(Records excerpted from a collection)
○ ○ ○ ○

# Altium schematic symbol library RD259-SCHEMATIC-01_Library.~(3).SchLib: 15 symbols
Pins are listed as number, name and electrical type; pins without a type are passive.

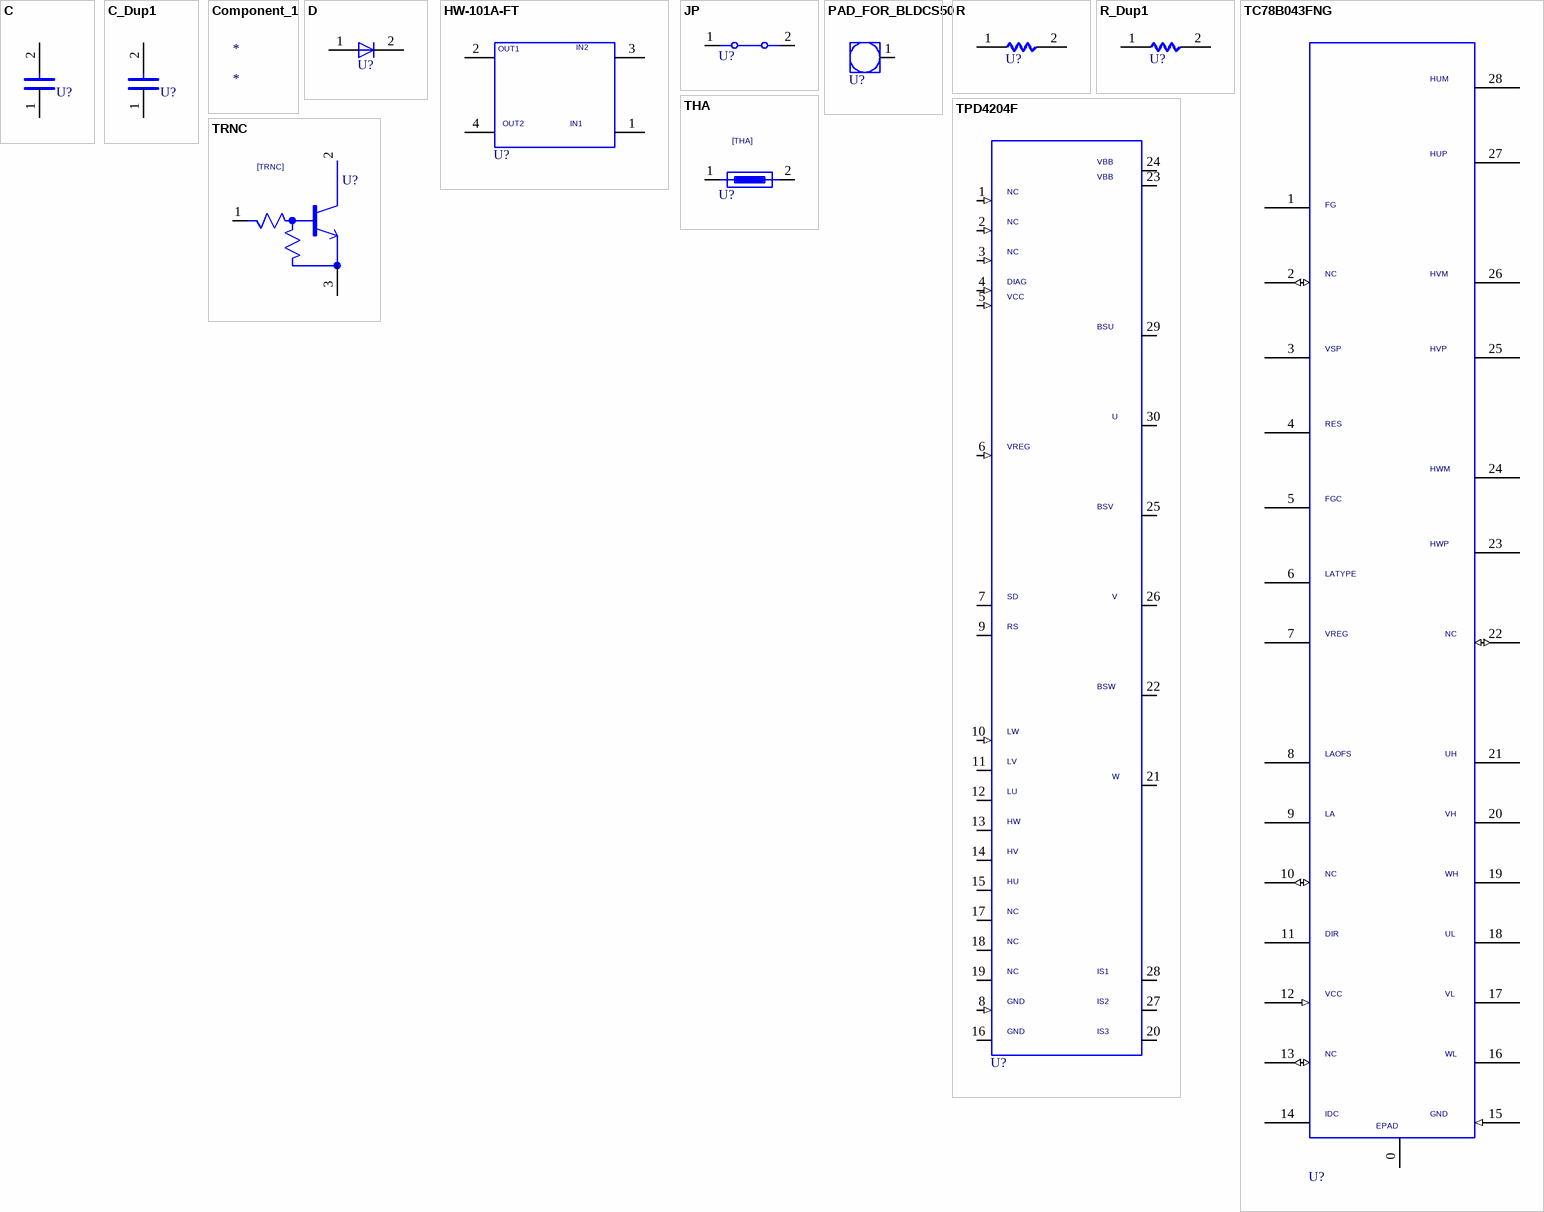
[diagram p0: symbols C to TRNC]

## C
designator U?  (value not drawn)
OriginalSymbolOrigin: (2540,7620); Altium-Right: 20; Altium-Bottom: 10
pins: 1, 2

## C_Dup1
designator U?, comment C  (value not drawn)
OriginalSymbolOrigin: (2540,7620); Altium-Right: 20; Altium-Bottom: 10
pins: 1, 2

## Component_1
designator *

## D
designator U?  (value not drawn)
SAVEAREA0: -225,-91,12804,7836; SAVECOUNT: 3; TIME: 14:49:55; UPDATEUSER: 19870035; UPDATETIME: 14:20:16; OriginalSymbolOrigin: (5080,5080); Altium-Right: 10; Altium-Bottom: 20
pins: 1 A, 2 C

## HW-101A-FT
designator U?  (value not drawn)
SAVEAREA0: -12224,-318,37706,25614; TIME: 11:47:14; UPDATEUSER: t5459927; UPDATETIME: 12:34:57; SAVECOUNT: 11; OriginalSymbolOrigin: (5080,17780); Altium-Right: 80; Altium-Bottom: 70
pins: 1, 2, 3, 4

## JP
designator U?  (value not drawn)
OriginalSymbolOrigin: (2540,5080); Altium-Right: 40; Altium-Bottom: 20
pins: 1, 2

## PAD_FOR_BLDCS50
designator U?  (value not drawn)
SAVEAREA0: -12224,-318,37706,25614; TIME: 11:47:14; UPDATEUSER: t5459927; UPDATETIME: 16:31:56; SAVECOUNT: 8; OriginalSymbolOrigin: (7620,17780); Altium-Right: 20
pins: 1

## R
designator U?  (value not drawn)
OriginalSymbolOrigin: (5080,5080); Altium-Right: 20
pins: 1, 2

## R_Dup1
designator U?, comment R  (value not drawn)
OriginalSymbolOrigin: (5080,5080); Altium-Right: 20
pins: 1, 2

## TC78B043FNG
designator U?  (value not drawn)
SAVEAREA0: -18325,-397,56528,38480; SAVECOUNT: 26; TIME: 12:23:18; UPDATEUSER: t5459927; UPDATETIME: 08:57:33; OriginalSymbolOrigin: (7620,190500); Altium-Right: 110; Altium-Bottom: 730
pins: 0, 1, 2 (io), 3, 4, 5, 6, 7, 8, 9, 10 (io), 11, 12 (in), 13 (io), 14, 15 (in), 16, 17, 18, 19, 20, 21, 22 (io), 23, 24, 25, 26, 27, 28

## THA
designator U?  (value not drawn)
SAVECOUNT: 3; SAVEAREA0: -562,-143,15615,10489; TIME: 16:37:29; UPDATEUSER: sato-yr; OriginalSymbolOrigin: (2540,5080); Altium-Right: 40; Altium-Bottom: 20
pins: 1, 2

## TPD4204F
designator U?  (value not drawn)
TIME: 16:32:01; UPDATEUSER: t5459927; UPDATETIME: 11:42:20; SAVECOUNT: 10; SAVEAREA0: -38352,-57023,57455,-16941; OriginalSymbolOrigin: (2540,154940); Altium-Right: 100; Altium-Bottom: 610
pins: 1 (in), 2 (in), 3 (in), 4 (in), 5 (in), 6 (in), 7, 8 (in), 9, 10 (in), 11, 12, 13, 14, 15, 16, 17, 18, 19, 20, 21, 22, 23, 24, 25, 26, 27, 28, 29, 30

## TRNC
designator U?  (value not drawn)
OriginalSymbolOrigin: (2540,22860); Altium-Right: 70
pins: 1 B, 2 C, 3 E

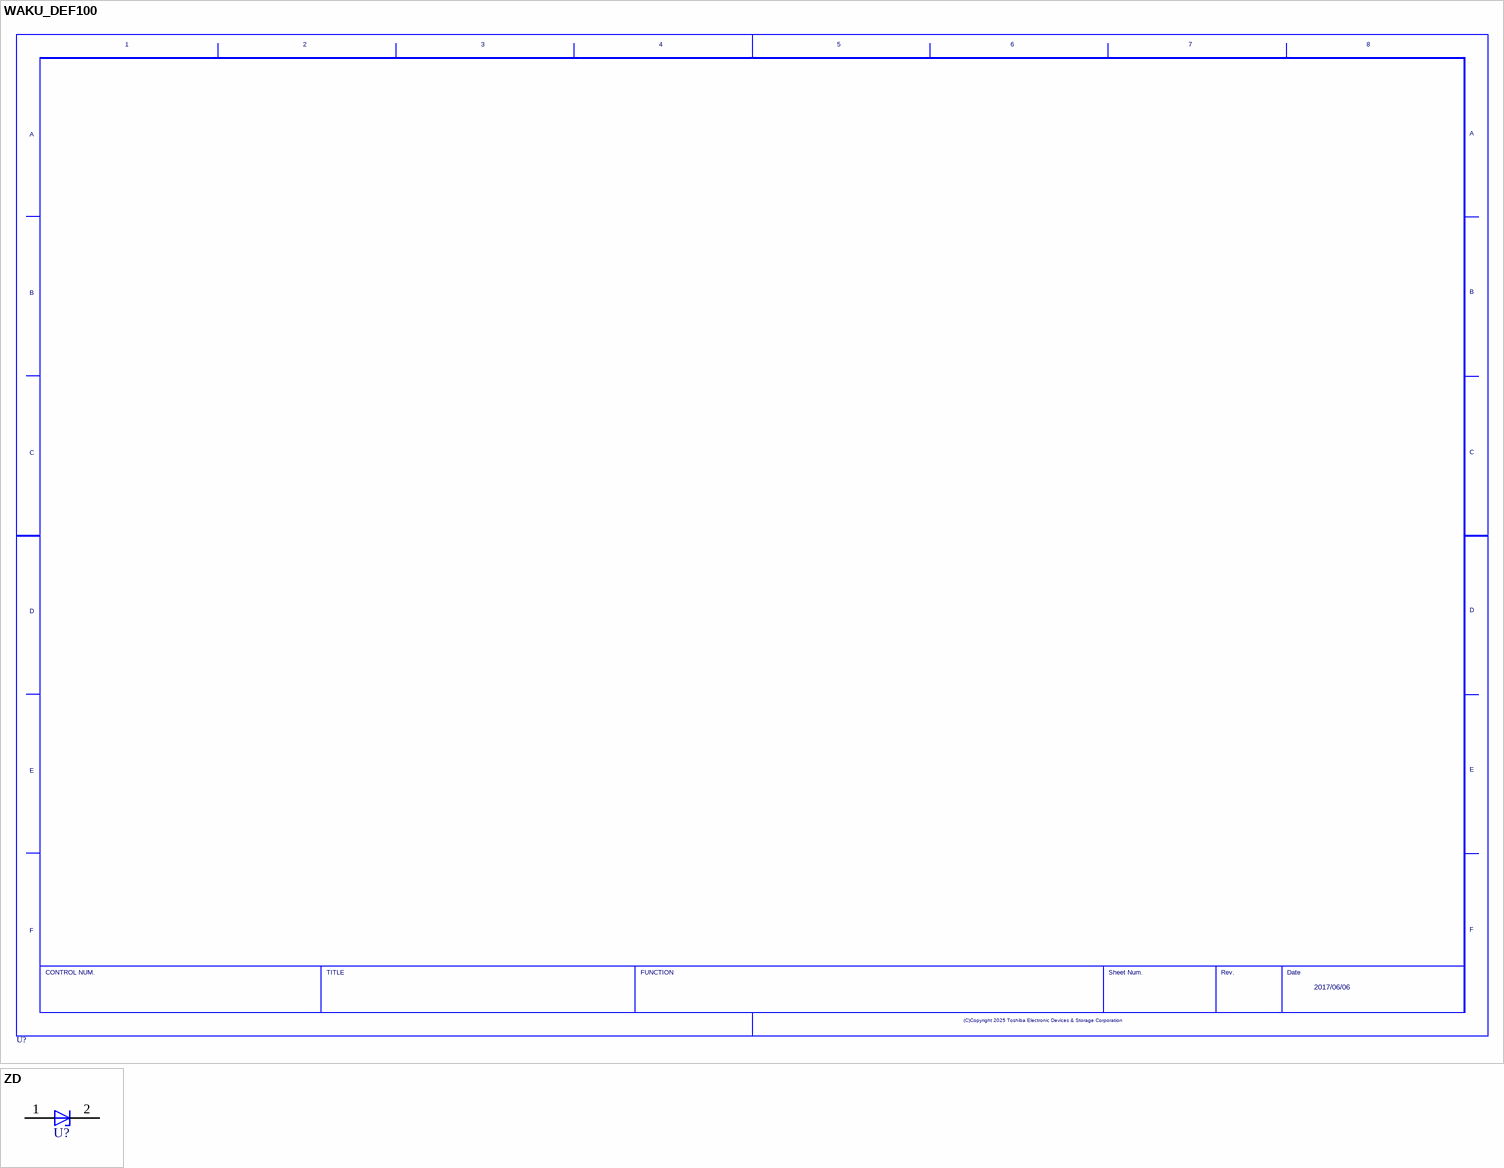
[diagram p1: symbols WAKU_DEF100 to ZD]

## WAKU_DEF100
designator U?  DATE: 2017/06/06  (hidden comment: WAKU_DEF100)
PLOTTIME: HH:MM; SAVEAREA0: -63393,-16950,474261,314592; TIME: 14:30:25; UPDATEUSER: t5459927; UPDATETIME: 16:48:10; SAVECOUNT: 4; OriginalSymbolOrigin: (10160,284480); Altium-Right: 1570; Altium-Bottom: 1070

## ZD
designator U?  (value not drawn)
SAVEAREA0: -4630,-153,17114,13055; TIME: 14:49:55; UPDATEUSER: fukuda-y; UPDATETIME: 08:18:42; SAVECOUNT: 6; OriginalSymbolOrigin: (5080,5080); Altium-Right: 10; Altium-Bottom: 20
pins: 1 A, 2 C

○ ○ ○ ○

ABOUT THIS EXERCISE: Copy each line above where the string "symbols" occurs.

RESPONSE:
# Altium schematic symbol library RD259-SCHEMATIC-01_Library.~(3).SchLib: 15 symbols
[diagram p0: symbols C to TRNC]
[diagram p1: symbols WAKU_DEF100 to ZD]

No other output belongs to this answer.